Lieutenant Martin was transported from his battalion to a Mobile Army Surgical Hospital (MASH) unit for rudimentary care, and then put on board a hospital train which brought him to an abandoned war-battered roofless school serving as a makeshift hospital near Seoul. It was there that he regained consciousness on a crisp autumn day and gazed up at a beautiful blue sky, glad to be alive.  Shortly afterward he was moved from Seoul to a military hospital in Japan.  Army Medical personnel in Japan determined whether or not a wounded soldier could recover in three months.
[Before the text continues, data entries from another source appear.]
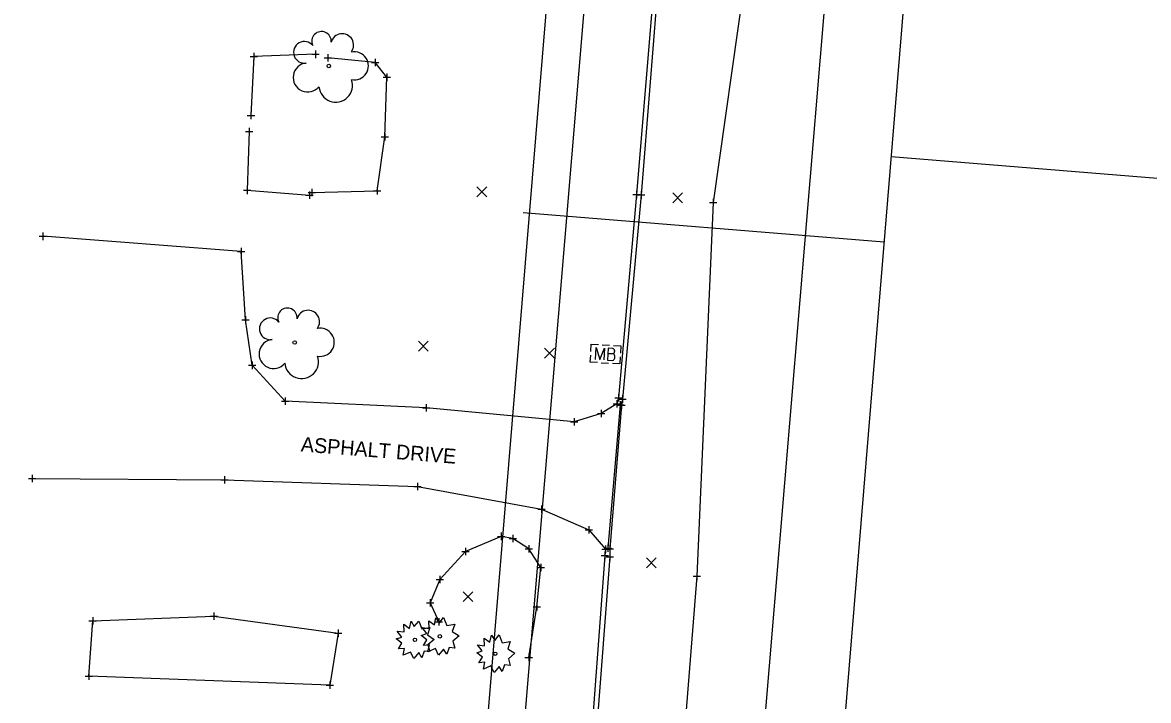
# Model space of a CAD drawing. Extents: x 1380440 to 1381945, y 468756 to 470369.
# Drawn here: x 1381467.5 to 1381620.2, y 469470 to 469561.9 of the extents above; entities that cross this region are included whole.
import ezdxf

# ---------------------------------------------------------------- set-up
doc = ezdxf.new("R2010")
doc.units = 0
for name, color, linetype in [('DR_P_Storm_Sewer', 7, 'Continuous'), ('DR_X_Cells', 7, 'Continuous'), ('GE_P_Driveway_CL', 7, 'Continuous'), ('GK_Drainage_Nodes', 7, 'Continuous'), ('PM_X_CL_Double_Solid', 7, 'Continuous'), ('RD_P_Cells', 7, 'Continuous'), ('RW_P_Esmt_TMP', 7, 'Continuous'), ('RW_X_Esmt_SH', 7, 'Continuous'), ('SC_Scratch10', 7, 'Continuous'), ('SC_Scratch11', 7, 'Continuous'), ('SC_Shading1', 7, 'Continuous'), ('SH_Named_Boundary', 7, 'Continuous'), ('UT_X_Gas', 7, 'Continuous'), ('UT_X_Overhead_Combined', 7, 'Continuous'), ('UT_X_Sanitary_Line', 7, 'Continuous'), ('UT_X_Water', 7, 'Continuous'), ('X-SUBDIVISION', 7, 'Continuous')]:
    doc.layers.add(name, color=color, linetype=linetype)

msp = doc.modelspace()

# ---------------------------------------------------------------- linework, layer by layer
at = {"layer": 'DR_P_Storm_Sewer'}
for points in [[(1381506.76, 469538.86), (1381515.58, 469539.12), (1381516.63, 469546.43), (1381516.9, 469554.53), (1381515.34, 469556.5), (1381508.92, 469557.14)], [(1381536.15, 469475.8), (1381537.25, 469482.65), (1381537.81, 469488.02), (1381536.18, 469490.54), (1381534.02, 469491.94), (1381532.41, 469492.23), (1381527.6, 469490.19), (1381524.12, 469486.36), (1381522.77, 469483.2), (1381523.96, 469480.62)]]:
    msp.add_lwpolyline(points, dxfattribs=at)
at = {"layer": 'DR_X_Cells'}
for points in [[(1381553.19, 469568.93), (1381553.23, 469567.99), (1381550.79, 469538.62), (1381548.32, 469511.01), (1381548.12, 469510.21)], [(1381546.56, 469490.49), (1381546.46, 469489.61), (1381542.99, 469442.93), (1381540.42, 469414.14), (1381540.26, 469413.42)]]:
    msp.add_lwpolyline(points, dxfattribs=at)
at = {"layer": 'GE_P_Driveway_CL'}
for p, q in [((1381529.13, 469538.3), (1381530.47, 469539.63)), ((1381529.13, 469539.63), (1381530.47, 469538.3)), ((1381555.69, 469537.49), (1381557.02, 469538.83)), ((1381555.69, 469538.83), (1381557.02, 469537.49)), ((1381521.21, 469517.37), (1381522.54, 469518.71)), ((1381521.21, 469518.71), (1381522.54, 469517.37)), ((1381538.3, 469516.42), (1381539.63, 469517.76)), ((1381538.3, 469517.76), (1381539.63, 469516.42)), ((1381552.13, 469487.96), (1381553.46, 469489.3)), ((1381552.13, 469489.3), (1381553.46, 469487.96)), ((1381527.25, 469483.38), (1381528.58, 469484.72)), ((1381527.25, 469484.72), (1381528.58, 469483.38))]:
    msp.add_line(p, q, dxfattribs=at)
at = {"layer": 'GK_Drainage_Nodes'}
for points in [[(1381507.23, 469557.62), (1381498.89, 469557.34), (1381498.49, 469549.33)], [(1381498.26, 469547.17), (1381497.97, 469539.17), (1381506.42, 469538.51)]]:
    msp.add_lwpolyline(points, dxfattribs=at)
at = {"layer": 'PM_X_CL_Double_Solid'}
msp.add_lwpolyline([(1381618.76, 470220.14), (1381616.92, 470200.19), (1381615.1, 470178.83), (1381610.95, 470124.78), (1381606.49, 470071.23), (1381602.26, 470019.36), (1381598.18, 469969.8), (1381595.01, 469928.06), (1381590.91, 469878.81), (1381589.36, 469859.11), (1381585.99, 469815.58), (1381581.29, 469760.78), (1381580.3, 469747.86), (1381578.72, 469729.45), (1381576.78, 469708.95), (1381575.29, 469689.79), (1381572.76, 469657.56), (1381569.36, 469615.7), (1381565.36, 469567.23), (1381561.16, 469537.52), (1381558.94, 469486.81), (1381555.39, 469442.03), (1381550.97, 469391.02)], dxfattribs=at)
at = {"layer": 'RD_P_Cells'}
for p, q in [((1381546.13, 469518.21), (1381547.13, 469518.15)), ((1381546.57, 469516.96), (1381546.57, 469516.96)), ((1381545.99, 469515.77), (1381546.99, 469515.71))]:
    msp.add_line(p, q, dxfattribs=at)
for points in [[(1381544.59, 469517.32), (1381544.64, 469518.29), (1381545.61, 469518.24)], [(1381545.23, 469516.23), (1381545.32, 469517.83), (1381545.81, 469516.2), (1381546.45, 469517.77), (1381546.36, 469516.17)], [(1381547.59, 469516.97), (1381547.66, 469517.03), (1381547.7, 469517.07), (1381547.73, 469517.1), (1381547.74, 469517.13), (1381547.77, 469517.18), (1381547.78, 469517.21), (1381547.81, 469517.3), (1381547.82, 469517.34), (1381547.82, 469517.39), (1381547.81, 469517.46), (1381547.79, 469517.53), (1381547.75, 469517.58), (1381547.69, 469517.64), (1381547.64, 469517.66), (1381547.62, 469517.68), (1381547.56, 469517.71), (1381546.94, 469517.74), (1381546.85, 469516.14), (1381547.55, 469516.1), (1381547.64, 469516.15), (1381547.72, 469516.21), (1381547.78, 469516.31), (1381547.83, 469516.42), (1381547.85, 469516.53), (1381547.85, 469516.6), (1381547.83, 469516.68), (1381547.79, 469516.8), (1381547.73, 469516.88), (1381547.59, 469516.97), (1381546.9, 469517.01)], [(1381547.64, 469518.12), (1381548.63, 469518.07), (1381548.58, 469517.1)], [(1381545.47, 469515.8), (1381544.51, 469515.85), (1381544.56, 469516.82)], [(1381548.55, 469516.6), (1381548.5, 469515.63), (1381547.51, 469515.68)]]:
    msp.add_lwpolyline(points, dxfattribs=at)
at = {"layer": 'RW_P_Esmt_TMP'}
msp.add_lwpolyline([(1381553.84, 469569.16), (1381551.39, 469538.56), (1381548.86, 469510.86), (1381548.72, 469510.03), (1381547.16, 469490.53), (1381547.16, 469489.45), (1381543.59, 469442.93), (1381541.04, 469414.11), (1381541, 469413.22), (1381539.53, 469394.02)], dxfattribs=at)
at = {"layer": 'RW_X_Esmt_SH'}
for points in [[(1381548.12, 469510.21), (1381545.98, 469508.88), (1381542.32, 469507.76), (1381522.23, 469509.67), (1381503.11, 469510.58), (1381498.63, 469515.43), (1381497.75, 469521.59), (1381497.16, 469530.86), (1381470.26, 469532.93)], [(1381548.12, 469510.21), (1381548.54, 469510.05), (1381546.9, 469490.64), (1381546.56, 469490.49)], [(1381468.81, 469500.07), (1381494.9, 469499.89), (1381521.09, 469499), (1381537.89, 469495.93), (1381544.32, 469493.13), (1381546.56, 469490.49)]]:
    msp.add_lwpolyline(points, dxfattribs=at)
at = {"layer": 'SC_Scratch10'}
for points in [[(1381520.63, 469480), (1381521.24, 469480.73), (1381521.65, 469479.68), (1381522.74, 469479.86), (1381522.41, 469478.85), (1381523.35, 469478.25), (1381522.49, 469477.52), (1381522.74, 469476.61), (1381521.99, 469476.67), (1381521.67, 469475.76), (1381521.24, 469476.45), (1381520.56, 469475.64), (1381520.13, 469476.52), (1381519.11, 469476.09), (1381519.3, 469477.03), (1381518.49, 469476.95), (1381518.96, 469477.74), (1381518.2, 469478.31), (1381518.93, 469478.57), (1381518.33, 469479.38), (1381519.26, 469479.27), (1381519.23, 469480.3), (1381519.98, 469479.74), (1381520.19, 469480.72), (1381520.63, 469480)], [(1381524.01, 469480.47), (1381524.62, 469481.21), (1381525.03, 469480.15), (1381526.13, 469480.33), (1381525.79, 469479.32), (1381526.73, 469478.73), (1381525.88, 469477.99), (1381526.13, 469477.08), (1381525.37, 469477.15), (1381525.05, 469476.23), (1381524.62, 469476.93), (1381523.94, 469476.11), (1381523.51, 469477), (1381522.49, 469476.57), (1381522.69, 469477.51), (1381521.87, 469477.42), (1381522.35, 469478.21), (1381521.58, 469478.78), (1381522.32, 469479.05), (1381521.71, 469479.85), (1381522.64, 469479.74), (1381522.61, 469480.78), (1381523.36, 469480.21), (1381523.57, 469481.19), (1381524.01, 469480.47)], [(1381531.54, 469478.11), (1381532.14, 469478.85), (1381532.56, 469477.8), (1381533.65, 469477.98), (1381533.31, 469476.96), (1381534.25, 469476.37), (1381533.4, 469475.63), (1381533.65, 469474.72), (1381532.89, 469474.79), (1381532.57, 469473.88), (1381532.14, 469474.57), (1381531.46, 469473.75), (1381531.03, 469474.64), (1381530.01, 469474.21), (1381530.21, 469475.15), (1381529.39, 469475.07), (1381529.87, 469475.86), (1381529.1, 469476.42), (1381529.84, 469476.69), (1381529.23, 469477.49), (1381530.16, 469477.38), (1381530.13, 469478.42), (1381530.89, 469477.85), (1381531.09, 469478.84), (1381531.54, 469478.11)]]:
    msp.add_lwpolyline(points, dxfattribs=at)
for centre, radius in [((1381509.04, 469556.03), 0.24), ((1381504.42, 469518.52), 0.24), ((1381524.1, 469478.66), 0.23), ((1381520.72, 469478.19), 0.23), ((1381531.62, 469476.3), 0.23)]:
    msp.add_circle(centre, radius, dxfattribs=at)
for centre, radius, start, end in [((1381508.05, 469559.39), 1.32, 354.0047, 205.9741), ((1381510.86, 469558.86), 1.55, 323.83, 165.0376), ((1381505.73, 469557.89), 1.47, 39.0625, 279.5412), ((1381512.5, 469556.06), 1.91, 259.1453, 101.4596), ((1381506.18, 469554.48), 1.97, 96.1722, 320.5737), ((1381509.98, 469553.42), 2.28, 184.9476, 19.4572), ((1381503.43, 469521.88), 1.32, 354.0047, 205.9741), ((1381501.11, 469520.38), 1.47, 39.0625, 279.5412), ((1381506.24, 469521.35), 1.55, 323.83, 165.0376), ((1381507.88, 469518.55), 1.91, 259.1453, 101.4596), ((1381501.56, 469516.97), 1.97, 96.1722, 320.5737), ((1381505.36, 469515.91), 2.28, 184.9476, 19.4572)]:
    msp.add_arc(centre, radius, start, end, dxfattribs=at)
at = {"layer": 'SC_Scratch11'}
msp.add_lwpolyline([(1381476.5, 469473.27), (1381477.02, 469480.75), (1381493.45, 469481.39), (1381510.3, 469479.11), (1381509.2, 469472.04)], close=True, dxfattribs=at)
at = {"layer": 'SC_Shading1'}
msp.add_lwpolyline([(1381589.36, 469859.11), (1381585.99, 469815.58), (1381581.29, 469760.78), (1381580.3, 469747.86), (1381578.72, 469729.45), (1381576.78, 469708.95), (1381575.29, 469689.79), (1381572.76, 469657.56), (1381569.36, 469615.7), (1381565.36, 469567.23), (1381561.16, 469537.52), (1381558.94, 469486.81), (1381555.39, 469442.03), (1381550.97, 469391.02)], dxfattribs=at)
at = {"layer": 'SH_Named_Boundary'}
for p, q in [((1381507.23, 469558.12), (1381507.23, 469557.12)), ((1381498.39, 469557.34), (1381499.39, 469557.34)), ((1381498.89, 469557.84), (1381498.89, 469556.84)), ((1381498.89, 469557.34), (1381498.89, 469557.34)), ((1381506.73, 469557.62), (1381507.73, 469557.62)), ((1381507.23, 469557.62), (1381507.23, 469557.62)), ((1381508.42, 469557.14), (1381509.42, 469557.14)), ((1381508.92, 469557.64), (1381508.92, 469556.64)), ((1381508.92, 469557.14), (1381508.92, 469557.14)), ((1381515.34, 469557), (1381515.34, 469556)), ((1381514.84, 469556.5), (1381515.84, 469556.5)), ((1381515.34, 469556.5), (1381515.34, 469556.5)), ((1381516.4, 469554.53), (1381517.4, 469554.53)), ((1381516.9, 469555.03), (1381516.9, 469554.03)), ((1381516.9, 469554.53), (1381516.9, 469554.53)), ((1381497.99, 469549.33), (1381498.99, 469549.33)), ((1381498.49, 469549.83), (1381498.49, 469548.83)), ((1381498.49, 469549.33), (1381498.49, 469549.33)), ((1381498.26, 469547.67), (1381498.26, 469546.67)), ((1381497.76, 469547.17), (1381498.76, 469547.17)), ((1381498.26, 469547.17), (1381498.26, 469547.17)), ((1381516.13, 469546.43), (1381517.13, 469546.43)), ((1381516.63, 469546.93), (1381516.63, 469545.93)), ((1381516.63, 469546.43), (1381516.63, 469546.43)), ((1381497.47, 469539.17), (1381498.47, 469539.17)), ((1381497.97, 469539.67), (1381497.97, 469538.67)), ((1381497.97, 469539.17), (1381497.97, 469539.17)), ((1381505.92, 469538.51), (1381506.92, 469538.51)), ((1381506.26, 469538.86), (1381507.26, 469538.86)), ((1381506.42, 469539.01), (1381506.42, 469538.01)), ((1381506.42, 469538.51), (1381506.42, 469538.51)), ((1381506.76, 469539.36), (1381506.76, 469538.36)), ((1381506.76, 469538.86), (1381506.76, 469538.86)), ((1381515.08, 469539.12), (1381516.08, 469539.12)), ((1381515.58, 469539.62), (1381515.58, 469538.62)), ((1381515.58, 469539.12), (1381515.58, 469539.12)), ((1381550.29, 469538.62), (1381551.29, 469538.62)), ((1381550.79, 469539.12), (1381550.79, 469538.12)), ((1381550.79, 469538.62), (1381550.79, 469538.62)), ((1381550.89, 469538.56), (1381551.89, 469538.56)), ((1381551.39, 469539.06), (1381551.39, 469538.06)), ((1381551.39, 469538.56), (1381551.39, 469538.56)), ((1381560.66, 469537.52), (1381561.66, 469537.52)), ((1381561.16, 469538.02), (1381561.16, 469537.02)), ((1381561.16, 469537.52), (1381561.16, 469537.52)), ((1381469.76, 469532.93), (1381470.76, 469532.93)), ((1381470.26, 469533.43), (1381470.26, 469532.43)), ((1381470.26, 469532.93), (1381470.26, 469532.93)), ((1381496.66, 469530.86), (1381497.66, 469530.86)), ((1381497.16, 469531.36), (1381497.16, 469530.36)), ((1381497.16, 469530.86), (1381497.16, 469530.86)), ((1381497.25, 469521.59), (1381498.25, 469521.59)), ((1381497.75, 469522.09), (1381497.75, 469521.09)), ((1381497.75, 469521.59), (1381497.75, 469521.59)), ((1381498.13, 469515.43), (1381499.13, 469515.43)), ((1381498.63, 469515.93), (1381498.63, 469514.93)), ((1381498.63, 469515.43), (1381498.63, 469515.43)), ((1381503.11, 469511.08), (1381503.11, 469510.08)), ((1381547.82, 469511.01), (1381548.82, 469511.01)), ((1381548.32, 469511.51), (1381548.32, 469510.51)), ((1381548.32, 469511.01), (1381548.32, 469511.01)), ((1381548.36, 469510.86), (1381549.36, 469510.86)), ((1381548.86, 469511.36), (1381548.86, 469510.36)), ((1381548.86, 469510.86), (1381548.86, 469510.86)), ((1381502.61, 469510.58), (1381503.61, 469510.58)), ((1381503.11, 469510.58), (1381503.11, 469510.58)), ((1381521.73, 469509.67), (1381522.73, 469509.67)), ((1381522.23, 469510.17), (1381522.23, 469509.17)), ((1381522.23, 469509.67), (1381522.23, 469509.67)), ((1381545.98, 469509.38), (1381545.98, 469508.38)), ((1381547.62, 469510.21), (1381548.62, 469510.21)), ((1381547.62, 469510.21), (1381548.62, 469510.21)), ((1381547.62, 469510.21), (1381548.62, 469510.21)), ((1381548.04, 469510.05), (1381549.04, 469510.05)), ((1381548.12, 469510.71), (1381548.12, 469509.71)), ((1381548.12, 469510.71), (1381548.12, 469509.71)), ((1381548.12, 469510.71), (1381548.12, 469509.71)), ((1381548.12, 469510.21), (1381548.12, 469510.21)), ((1381548.12, 469510.21), (1381548.12, 469510.21)), ((1381548.12, 469510.21), (1381548.12, 469510.21)), ((1381548.22, 469510.03), (1381549.22, 469510.03)), ((1381548.54, 469510.55), (1381548.54, 469509.55)), ((1381548.54, 469510.05), (1381548.54, 469510.05)), ((1381548.72, 469510.53), (1381548.72, 469509.53)), ((1381548.72, 469510.03), (1381548.72, 469510.03)), ((1381541.82, 469507.76), (1381542.82, 469507.76)), ((1381542.32, 469508.26), (1381542.32, 469507.26)), ((1381542.32, 469507.76), (1381542.32, 469507.76)), ((1381545.48, 469508.88), (1381546.48, 469508.88)), ((1381545.98, 469508.88), (1381545.98, 469508.88)), ((1381468.31, 469500.07), (1381469.31, 469500.07)), ((1381468.81, 469500.57), (1381468.81, 469499.57)), ((1381468.81, 469500.07), (1381468.81, 469500.07)), ((1381494.9, 469500.39), (1381494.9, 469499.39)), ((1381494.4, 469499.89), (1381495.4, 469499.89)), ((1381494.9, 469499.89), (1381494.9, 469499.89)), ((1381520.59, 469499), (1381521.59, 469499)), ((1381521.09, 469499.5), (1381521.09, 469498.5)), ((1381521.09, 469499), (1381521.09, 469499)), ((1381537.39, 469495.93), (1381538.39, 469495.93)), ((1381537.89, 469496.43), (1381537.89, 469495.43)), ((1381537.89, 469495.93), (1381537.89, 469495.93)), ((1381532.41, 469492.73), (1381532.41, 469491.73)), ((1381534.02, 469492.44), (1381534.02, 469491.44)), ((1381543.82, 469493.13), (1381544.82, 469493.13)), ((1381544.32, 469493.63), (1381544.32, 469492.63)), ((1381544.32, 469493.13), (1381544.32, 469493.13)), ((1381531.91, 469492.23), (1381532.91, 469492.23)), ((1381532.41, 469492.23), (1381532.41, 469492.23)), ((1381533.52, 469491.94), (1381534.52, 469491.94)), ((1381534.02, 469491.94), (1381534.02, 469491.94)), ((1381536.18, 469491.04), (1381536.18, 469490.04)), ((1381546.56, 469490.99), (1381546.56, 469489.99)), ((1381546.56, 469490.99), (1381546.56, 469489.99)), ((1381546.56, 469490.99), (1381546.56, 469489.99)), ((1381546.9, 469491.14), (1381546.9, 469490.14)), ((1381547.16, 469491.03), (1381547.16, 469490.03)), ((1381527.1, 469490.19), (1381528.1, 469490.19)), ((1381527.6, 469490.69), (1381527.6, 469489.69)), ((1381527.6, 469490.19), (1381527.6, 469490.19)), ((1381535.68, 469490.54), (1381536.68, 469490.54)), ((1381536.18, 469490.54), (1381536.18, 469490.54)), ((1381545.96, 469489.61), (1381546.96, 469489.61)), ((1381546.06, 469490.49), (1381547.06, 469490.49)), ((1381546.06, 469490.49), (1381547.06, 469490.49)), ((1381546.06, 469490.49), (1381547.06, 469490.49)), ((1381546.4, 469490.64), (1381547.4, 469490.64)), ((1381546.46, 469490.11), (1381546.46, 469489.11)), ((1381546.46, 469489.61), (1381546.46, 469489.61)), ((1381546.56, 469490.49), (1381546.56, 469490.49)), ((1381546.56, 469490.49), (1381546.56, 469490.49)), ((1381546.56, 469490.49), (1381546.56, 469490.49)), ((1381546.66, 469490.53), (1381547.66, 469490.53)), ((1381546.66, 469489.45), (1381547.66, 469489.45)), ((1381546.9, 469490.64), (1381546.9, 469490.64)), ((1381547.16, 469490.53), (1381547.16, 469490.53)), ((1381547.16, 469489.95), (1381547.16, 469488.95)), ((1381547.16, 469489.45), (1381547.16, 469489.45)), ((1381537.31, 469488.02), (1381538.31, 469488.02)), ((1381537.81, 469488.52), (1381537.81, 469487.52)), ((1381537.81, 469488.02), (1381537.81, 469488.02)), ((1381523.62, 469486.36), (1381524.62, 469486.36)), ((1381524.12, 469486.86), (1381524.12, 469485.86)), ((1381524.12, 469486.36), (1381524.12, 469486.36)), ((1381558.44, 469486.81), (1381559.44, 469486.81)), ((1381558.94, 469487.31), (1381558.94, 469486.31)), ((1381558.94, 469486.81), (1381558.94, 469486.81)), ((1381522.77, 469483.7), (1381522.77, 469482.7)), ((1381493.45, 469481.89), (1381493.45, 469480.89)), ((1381522.27, 469483.2), (1381523.27, 469483.2)), ((1381522.77, 469483.2), (1381522.77, 469483.2)), ((1381536.75, 469482.65), (1381537.75, 469482.65)), ((1381537.25, 469483.15), (1381537.25, 469482.15)), ((1381537.25, 469482.65), (1381537.25, 469482.65)), ((1381476.52, 469480.75), (1381477.52, 469480.75)), ((1381477.02, 469481.25), (1381477.02, 469480.25)), ((1381477.02, 469480.75), (1381477.02, 469480.75)), ((1381492.95, 469481.39), (1381493.95, 469481.39)), ((1381493.45, 469481.39), (1381493.45, 469481.39)), ((1381523.46, 469480.62), (1381524.46, 469480.62)), ((1381523.96, 469481.12), (1381523.96, 469480.12)), ((1381523.96, 469480.62), (1381523.96, 469480.62)), ((1381509.8, 469479.11), (1381510.8, 469479.11)), ((1381510.3, 469479.61), (1381510.3, 469478.61)), ((1381510.3, 469479.11), (1381510.3, 469479.11)), ((1381535.65, 469475.8), (1381536.65, 469475.8)), ((1381536.15, 469476.3), (1381536.15, 469475.3)), ((1381536.15, 469475.8), (1381536.15, 469475.8)), ((1381476, 469473.27), (1381477, 469473.27)), ((1381476.5, 469473.77), (1381476.5, 469472.77)), ((1381476.5, 469473.27), (1381476.5, 469473.27)), ((1381508.7, 469472.04), (1381509.7, 469472.04)), ((1381509.2, 469472.54), (1381509.2, 469471.54)), ((1381509.2, 469472.04), (1381509.2, 469472.04))]:
    msp.add_line(p, q, dxfattribs=at)
at = {"layer": 'UT_X_Gas'}
msp.add_lwpolyline([(1381485.9, 468926.41), (1381594.27, 470237.89), (1380558, 470279.29)], dxfattribs=at)
at = {"layer": 'UT_X_Overhead_Combined'}
msp.add_lwpolyline([(1381540.8, 469054.26), (1381515.28, 469203.1), (1381529.17, 469390.12), (1381543.86, 469565.78), (1381559.77, 469757.41), (1381571.97, 469887.64), (1381581.26, 470018.2), (1381595.79, 470220.83), (1381665.56, 470247.4)], dxfattribs=at)
at = {"layer": 'UT_X_Sanitary_Line'}
for p, q in [((1381576.01, 469430.09), (1381599.15, 469712.1)), ((1381634.32, 469539.73), (1381585.33, 469543.71)), ((1381584.38, 469532.13), (1381535.39, 469536.11))]:
    msp.add_line(p, q, dxfattribs=at)
at = {"layer": 'UT_X_Water'}
msp.add_line((1381545.41, 469194.71), (1381630.26, 470209.69), dxfattribs=at)

# ---------------------------------------------------------------- texts
at = {"layer": 'X-SUBDIVISION'}
msp.add_text('ASPHALT DRIVE', height=2, rotation=355.4428, dxfattribs=at).set_placement((1381505.2, 469503.75))

doc.saveas('drawing.dxf')

If he could, he was kept in Japan for eventual return to Korea.  If not, he was sent to a hospital in the United States.  Martin was promoted to first lieutenant for his actions on Triangle Hill and then shipped to a stateside hospital.

It was ten months before Lieutenant Martin’s wounded legs healed enough to allow him to be discharged from Murphy Army Hospital in Waltham, Massachusetts.  He never quite recovered from his wounds, and to the day of his interview, migrating shrapnel remaining in his legs caused bone infections and high fevers. His wife and family have learned of his experiences on Triangle Hill through comments he made while suffering through these fevers.

Martin was interviewed two days after September 11, 2001, and he referred to the horror of the 9/11 terrorism strike.  He said that he believed “…that we have to make every effort for peace. It seems that we are continually at war, whether we want to or not. Peace is a hard thing to grasp. I hope we can be more successful at it.  I don’t mean we have to exterminate our enemies, it only prolongs the conflict. But we got to have some method that we can live with our families and be at peace”.

Thomas Martin currently resides with his family in Rumson, New Jersey.

[After twelve days of fighting, attack and counterattack, the Seventh Division turned over the fight for Triangle Hill to the Republic of Korea’s Second Division. That unit was eventually forced to abandon the hill.  The lines were restored to where they were before the attack of October 14, and remained so until the fighting in Korea ended in an armistice on July 27, 1953.]

Thomas Martin passed away on December 27, 2007.